There seem to be 3 ways of combining vectors: summing them, binding them, and doing a dot-product of them. Binding and summing together make a structure. You can interrogate that structure for its parts by binding it to an inverse vector. But without that inverse, are there similarities of the resulting vector to the concepts that make it up? And if that structure has the same number of dimensions as the components that make it up, is it losing much of the components information?
Suppose we want to know if a letter is in the visual field of Spaun. According to the article, we could create a generic concept for letter, by adding the vectors of all 26 letters in the English alphabet. This sum is supposedly similar to any one of those letters, so if you take that sum of vectors, and then do a dot product with whatever is currently in the visual system, you will get a measure of similarity to the concept of ‘letter’.
This doesn’t seem to make sense with low dimensional vectors. For instance, a 5 bit vector could represent any one of 26 letters, but adding all of them would give a sum that was not particularly similar to any one of them. Is the high dimension space of the vectors you use the reason why the sum is similar to each of its parts?
If we have a sequence where vector P1 leads to P2, and P2 leads to P3, does that mean that there always exists a transformation T such that P1 bound to T gives P2? Before this example was given in the article, ‘binding’ meant associating syntax roles with word vectors using circular convolution. But in this example, Neither P1 nor T needs to be a word, or a syntax role. So binding can be an abstract relation that leads from one step in a pattern to another, or it can be an arbitrary way of creating a syntax role for a concept? What else could it be used for?
I didn’t understand the basal ganglia example. Suppose you have 5 alternative actions you are considering. The one you selected stops inhibiting the basal ganglia. But the other four are in memory too, and they are still inhibiting the basal ganglia. what am I missing?
A general question: What is it about the low pass filter of the spikes that arrive at the dendrites that allow for creating oscillators and attractors?

finally:
6. where are the course notes? The course is not offered online, I assume…
Thanks.

jgosmann · May 5, 2017, 3:31pm

To answer some of your questions:

For a circular convolution (the operation we usually use for binding) the resulting vector will be dissimiliar to both bound vectors.
For a sum the resulting vector will be somewhat similar to all the constituents (by how much depends on whether the vectors will be normalized after the sum).
The dot product is more of a comparison operation. It tells you how similar two vectors are. Because they are reduced to a single scalar, you cannot really compare that single number to either of the original vectors.

In theory, I believe (not entirely sure), no information is lost because the vector components are real numbers with infinite precision. (Though, there are some specific vectors which act as an absorbing element and would destroy all information. Like multiplying with 0.)

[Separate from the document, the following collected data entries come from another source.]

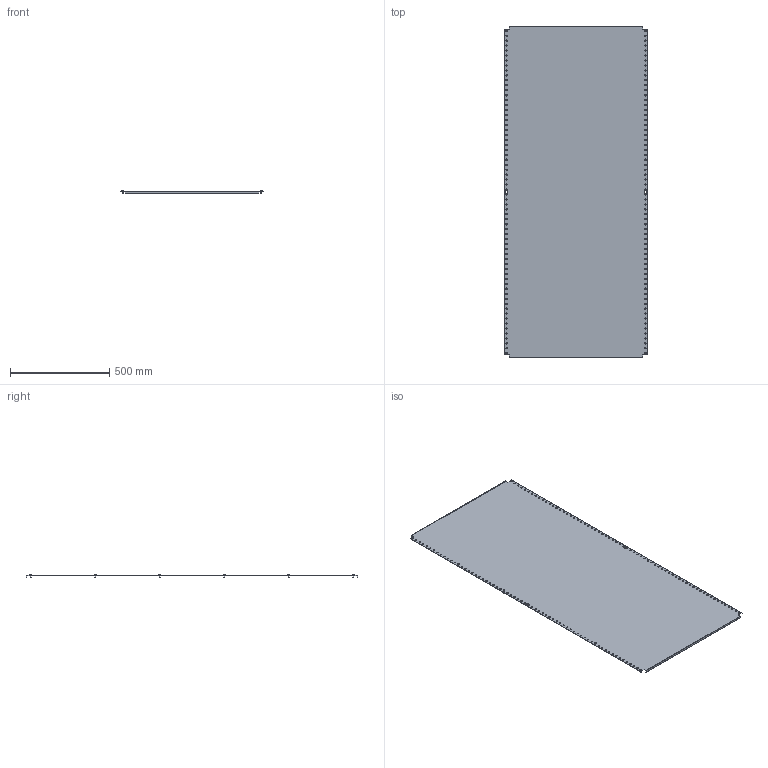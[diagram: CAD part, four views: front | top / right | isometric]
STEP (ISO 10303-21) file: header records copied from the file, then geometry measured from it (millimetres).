
FILE_DESCRIPTION (( 'STEP AP203' ), '1' );
FILE_NAME ('R6MP1880.STEP', '2025-03-28T12:11:16', ( '' ), ( '' ), 'SwSTEP 2.0', 'SolidWorks 2022', '' );
FILE_SCHEMA (( 'CONFIG_CONTROL_DESIGN' ));
Length unit declared in the file: millimetre
Products named in the file (3): R6MP1880; RB.3293.00.00.0_-23; M5x12 DIN 7500 C Torx Zinc_stright
Assembly tree (13 placements, depth 2):
  R6MP1880
    RB.3293.00.00.0_-23
    M5x12 DIN 7500 C Torx Zinc_stright  x12
Bounding box: 725 x 1670 x 15.56 mm (x, y, z)
Volume: 2192952.9 mm3; surface area: 2449744.3 mm2
Topology: 13 solids, 13 shells, 358 faces, 852 edges, 532 vertices
Faces by surface type: cylinder 160, plane 126, torus 24, cone 24, sphere 12, bspline 12
Full cylindrical faces by diameter (mm): 5 x12, 6.5 x132, 9.5 x12
Entity records: 6757 total; most frequent: CARTESIAN_POINT 1124, DIRECTION 1052, ORIENTED_EDGE 760, EDGE_LOOP 590, AXIS2_PLACEMENT_3D 482, EDGE_CURVE 380, VERTEX_POINT 342, FACE_OUTER_BOUND 320

In practice, however, neurons can represent the vectors only with a limited precision. Thus, in a real system information will be lost. But this is not necessarily a problem as long as enough information is retained to recover the original vectors with a cleanup memory.

I assume you mean assign a number to each letter and encode that number as a binary vector? In that case you many vectors are already highly similar as measured by the dot product. Adding those vectors together will give a vector similar to the summands, but it will probably also be similar to other vectors in this representation.

In the SPA we usually use vectors that are almost orthogonal. To encode the 26 letters 26 dimensional vectors with a single dimension set to 1 for each letter could be used. In that case each vector pair is dissimilar (orthogonal in fact) and the sum is similar to all of its constituents. Note that we don’t need perfect orthogonality for this to be still approximately true. This allows us to fit more almost orthogonal vectors into the space than there are dimensions.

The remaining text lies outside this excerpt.